**Exercise directions**
Print each record below precisely, with every picture left out of the copy.

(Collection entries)
# # # #

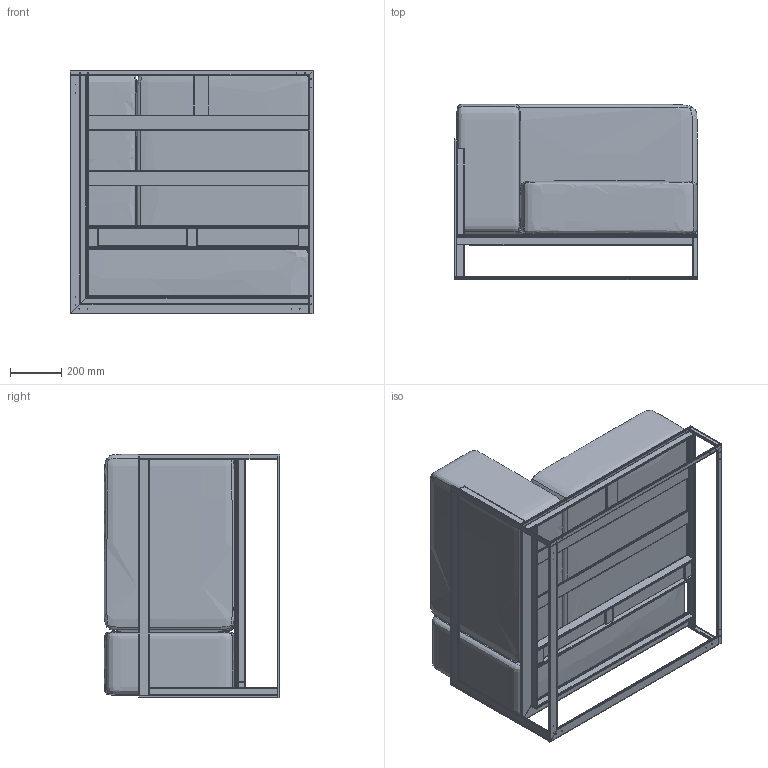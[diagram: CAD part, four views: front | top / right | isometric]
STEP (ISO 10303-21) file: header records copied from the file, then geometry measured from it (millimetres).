
FILE_DESCRIPTION(/* description */ (''),/* implementation_level */ '2;1');
FILE_NAME(/* name */ 'C:\INVENTOR\Workspace\# ARKITEKT FILER\Moore Sofa\Garden Moore Corner.stp',/* time_stamp */ '2020-06-08T10:37:58+02:00',/* author */ ('Röshults'),/* organization */ (''),/* preprocessor_version */ 'ST-DEVELOPER v17.2',/* originating_system */ 'Autodesk Inventor 2019',/* authorisation */ '');
FILE_SCHEMA (('AUTOMOTIVE_DESIGN { 1 0 10303 214 3 1 1 }'));
Length unit declared in the file: millimetre
Products named in the file (39): Garden Moore Corner; 100573; Frame 1583759788207; Skeleton 1583759788208; CSN EN 10305-5 - 40 x 10 x 1,5  - 930; CSN EN 10305-5 - 40 x 10 x 1,5  - 930_1; CSN EN 10305-5 - 40 x 10 x 1,5  - 920; CSN EN 10305-5 - 40 x 10 x 1,5  - 930_2; CSN EN 10305-5 - 40 x 10 x 1,5  - 860; CSN EN 10305-5 - 40 x 10 x 1,5  - 860_1; CSN EN 10305-5 - 40 x 10 x 1,5  - 72; CSN EN 10305-5 - 40 x 10 x 1,5  - 72_1; CSN EN 10305-5 - 40 x 10 x 1,5  - 72_2; CSN EN 10305-5 - 40 x 10 x 1,5  - 540; CSN EN 10305-5 - 60 x 10 x 1,5  - 920; CSN EN 10305-5 - 60 x 10 x 1,5  - 920_1; CSN EN 10305-5 - 60 x 10 x 1,5  - 860; CSN EN 10305-5 - 60 x 10 x 1,5  - 860_1; CSN EN 10305-5 - 20 x 10 x 1,5  - 538,5; CSN EN 10305-5 - 20 x 10 x 1,5  - 538,5_1; CSN EN 10305-5 - 20 x 10 x 1,5  - 948,5; CSN EN 10305-5 - 20 x 10 x 1,5  - 948,5_1; CSN EN 10305-5 - 20 x 10 x 1,5  - 155; CSN EN 10305-5 - 20 x 10 x 1,5  - 940; CSN EN 10305-5 - 20 x 10 x 1,5  - 940_1; CSN EN 10305-5 - 30 x 10 x 1,5  - 870; CSN EN 10305-5 - 30 x 10 x 1,5  - 920; CSN EN 10305-5 - 30 x 10 x 1,5  - 930; CSN EN 10305-5 - 30 x 10 x 1,5  - 870_1; CSN EN 10305-5 - 30 x 10 x 1,5  - 335; CSN EN 10305-5 - 30 x 10 x 1,5  - 335_1; CSN EN 10305-5 - 30 x 10 x 1,5  - 500; CSN EN 10305-5 - 60 x 10 x 1,5  - 155; End Cap 20x10; End Cap 30x10; 100530; 100759-3; 100759-4; 100759-5
Assembly tree (42 placements, depth 4):
  Garden Moore Corner
    100573
      Frame 1583759788207
        Skeleton 1583759788208
        CSN EN 10305-5 - 40 x 10 x 1,5  - 930
        CSN EN 10305-5 - 40 x 10 x 1,5  - 930_1
        CSN EN 10305-5 - 40 x 10 x 1,5  - 920
        CSN EN 10305-5 - 40 x 10 x 1,5  - 930_2
        CSN EN 10305-5 - 40 x 10 x 1,5  - 860
        CSN EN 10305-5 - 40 x 10 x 1,5  - 860_1
        CSN EN 10305-5 - 40 x 10 x 1,5  - 72
        CSN EN 10305-5 - 40 x 10 x 1,5  - 72_1
        CSN EN 10305-5 - 40 x 10 x 1,5  - 72_2
        CSN EN 10305-5 - 40 x 10 x 1,5  - 540
        CSN EN 10305-5 - 60 x 10 x 1,5  - 920
        CSN EN 10305-5 - 60 x 10 x 1,5  - 920_1
        CSN EN 10305-5 - 60 x 10 x 1,5  - 860
        CSN EN 10305-5 - 60 x 10 x 1,5  - 860_1
        CSN EN 10305-5 - 20 x 10 x 1,5  - 538,5
        CSN EN 10305-5 - 20 x 10 x 1,5  - 538,5_1
        CSN EN 10305-5 - 20 x 10 x 1,5  - 948,5
        CSN EN 10305-5 - 20 x 10 x 1,5  - 948,5_1
        CSN EN 10305-5 - 20 x 10 x 1,5  - 155
        CSN EN 10305-5 - 20 x 10 x 1,5  - 940
        CSN EN 10305-5 - 20 x 10 x 1,5  - 940_1
        CSN EN 10305-5 - 30 x 10 x 1,5  - 870
        CSN EN 10305-5 - 30 x 10 x 1,5  - 920
        CSN EN 10305-5 - 30 x 10 x 1,5  - 930
        CSN EN 10305-5 - 30 x 10 x 1,5  - 870_1
        CSN EN 10305-5 - 30 x 10 x 1,5  - 335
        CSN EN 10305-5 - 30 x 10 x 1,5  - 335_1
        CSN EN 10305-5 - 30 x 10 x 1,5  - 500
        CSN EN 10305-5 - 60 x 10 x 1,5  - 155
      End Cap 20x10  x4
      End Cap 30x10  x2
    100530
    100759-3
    100759-4
    100759-5
Bounding box: 950 x 685 x 950.36 mm (x, y, z)
Volume: 305972539.7 mm3; surface area: 7679728.1 mm2
Topology: 39 solids, 39 shells, 650 faces, 1724 edges, 1152 vertices
Faces by surface type: plane 336, cylinder 288, bspline 18, sphere 8
Full cylindrical faces by diameter (mm): 3.242 x16
Entity records: 27870 total; most frequent: CARTESIAN_POINT 10563, DIRECTION 3510, ORIENTED_EDGE 3256, EDGE_CURVE 1628, AXIS2_PLACEMENT_3D 1249, VERTEX_POINT 1088, LINE 1012, VECTOR 1012

# # # #

**Exercise result**
[diagram: CAD part, four views: front | top / right | isometric]
STEP (ISO 10303-21) file: header records copied from the file, then geometry measured from it (millimetres).
FILE_DESCRIPTION(/* description */ (''),/* implementation_level */ '2;1');
FILE_NAME(/* name */ 'C:\INVENTOR\Workspace\# ARKITEKT FILER\Moore Sofa\Garden Moore Corner.stp',/* time_stamp */ '2020-06-08T10:37:58+02:00',/* author */ ('Röshults'),/* organization */ (''),/* preprocessor_version */ 'ST-DEVELOPER v17.2',/* originating_system */ 'Autodesk Inventor 2019',/* authorisation */ '');
FILE_SCHEMA (('AUTOMOTIVE_DESIGN { 1 0 10303 214 3 1 1 }'));
Length unit declared in the file: millimetre
Products named in the file (39): Garden Moore Corner; 100573; Frame 1583759788207; Skeleton 1583759788208; CSN EN 10305-5 - 40 x 10 x 1,5  - 930; CSN EN 10305-5 - 40 x 10 x 1,5  - 930_1; CSN EN 10305-5 - 40 x 10 x 1,5  - 920; CSN EN 10305-5 - 40 x 10 x 1,5  - 930_2; CSN EN 10305-5 - 40 x 10 x 1,5  - 860; CSN EN 10305-5 - 40 x 10 x 1,5  - 860_1; CSN EN 10305-5 - 40 x 10 x 1,5  - 72; CSN EN 10305-5 - 40 x 10 x 1,5  - 72_1; CSN EN 10305-5 - 40 x 10 x 1,5  - 72_2; CSN EN 10305-5 - 40 x 10 x 1,5  - 540; CSN EN 10305-5 - 60 x 10 x 1,5  - 920; CSN EN 10305-5 - 60 x 10 x 1,5  - 920_1; CSN EN 10305-5 - 60 x 10 x 1,5  - 860; CSN EN 10305-5 - 60 x 10 x 1,5  - 860_1; CSN EN 10305-5 - 20 x 10 x 1,5  - 538,5; CSN EN 10305-5 - 20 x 10 x 1,5  - 538,5_1; CSN EN 10305-5 - 20 x 10 x 1,5  - 948,5; CSN EN 10305-5 - 20 x 10 x 1,5  - 948,5_1; CSN EN 10305-5 - 20 x 10 x 1,5  - 155; CSN EN 10305-5 - 20 x 10 x 1,5  - 940; CSN EN 10305-5 - 20 x 10 x 1,5  - 940_1; CSN EN 10305-5 - 30 x 10 x 1,5  - 870; CSN EN 10305-5 - 30 x 10 x 1,5  - 920; CSN EN 10305-5 - 30 x 10 x 1,5  - 930; CSN EN 10305-5 - 30 x 10 x 1,5  - 870_1; CSN EN 10305-5 - 30 x 10 x 1,5  - 335; CSN EN 10305-5 - 30 x 10 x 1,5  - 335_1; CSN EN 10305-5 - 30 x 10 x 1,5  - 500; CSN EN 10305-5 - 60 x 10 x 1,5  - 155; End Cap 20x10; End Cap 30x10; 100530; 100759-3; 100759-4; 100759-5
Assembly tree (42 placements, depth 4):
  Garden Moore Corner
    100573
      Frame 1583759788207
        Skeleton 1583759788208
        CSN EN 10305-5 - 40 x 10 x 1,5  - 930
        CSN EN 10305-5 - 40 x 10 x 1,5  - 930_1
        CSN EN 10305-5 - 40 x 10 x 1,5  - 920
        CSN EN 10305-5 - 40 x 10 x 1,5  - 930_2
        CSN EN 10305-5 - 40 x 10 x 1,5  - 860
        CSN EN 10305-5 - 40 x 10 x 1,5  - 860_1
        CSN EN 10305-5 - 40 x 10 x 1,5  - 72
        CSN EN 10305-5 - 40 x 10 x 1,5  - 72_1
        CSN EN 10305-5 - 40 x 10 x 1,5  - 72_2
        CSN EN 10305-5 - 40 x 10 x 1,5  - 540
        CSN EN 10305-5 - 60 x 10 x 1,5  - 920
        CSN EN 10305-5 - 60 x 10 x 1,5  - 920_1
        CSN EN 10305-5 - 60 x 10 x 1,5  - 860
        CSN EN 10305-5 - 60 x 10 x 1,5  - 860_1
        CSN EN 10305-5 - 20 x 10 x 1,5  - 538,5
        CSN EN 10305-5 - 20 x 10 x 1,5  - 538,5_1
        CSN EN 10305-5 - 20 x 10 x 1,5  - 948,5
        CSN EN 10305-5 - 20 x 10 x 1,5  - 948,5_1
        CSN EN 10305-5 - 20 x 10 x 1,5  - 155
        CSN EN 10305-5 - 20 x 10 x 1,5  - 940
        CSN EN 10305-5 - 20 x 10 x 1,5  - 940_1
        CSN EN 10305-5 - 30 x 10 x 1,5  - 870
        CSN EN 10305-5 - 30 x 10 x 1,5  - 920
        CSN EN 10305-5 - 30 x 10 x 1,5  - 930
        CSN EN 10305-5 - 30 x 10 x 1,5  - 870_1
        CSN EN 10305-5 - 30 x 10 x 1,5  - 335
        CSN EN 10305-5 - 30 x 10 x 1,5  - 335_1
        CSN EN 10305-5 - 30 x 10 x 1,5  - 500
        CSN EN 10305-5 - 60 x 10 x 1,5  - 155
      End Cap 20x10  x4
      End Cap 30x10  x2
    100530
    100759-3
    100759-4
    100759-5
Bounding box: 950 x 685 x 950.36 mm (x, y, z)
Volume: 305972539.7 mm3; surface area: 7679728.1 mm2
Topology: 39 solids, 39 shells, 650 faces, 1724 edges, 1152 vertices
Faces by surface type: plane 336, cylinder 288, bspline 18, sphere 8
Full cylindrical faces by diameter (mm): 3.242 x16
Entity records: 27870 total; most frequent: CARTESIAN_POINT 10563, DIRECTION 3510, ORIENTED_EDGE 3256, EDGE_CURVE 1628, AXIS2_PLACEMENT_3D 1249, VERTEX_POINT 1088, LINE 1012, VECTOR 1012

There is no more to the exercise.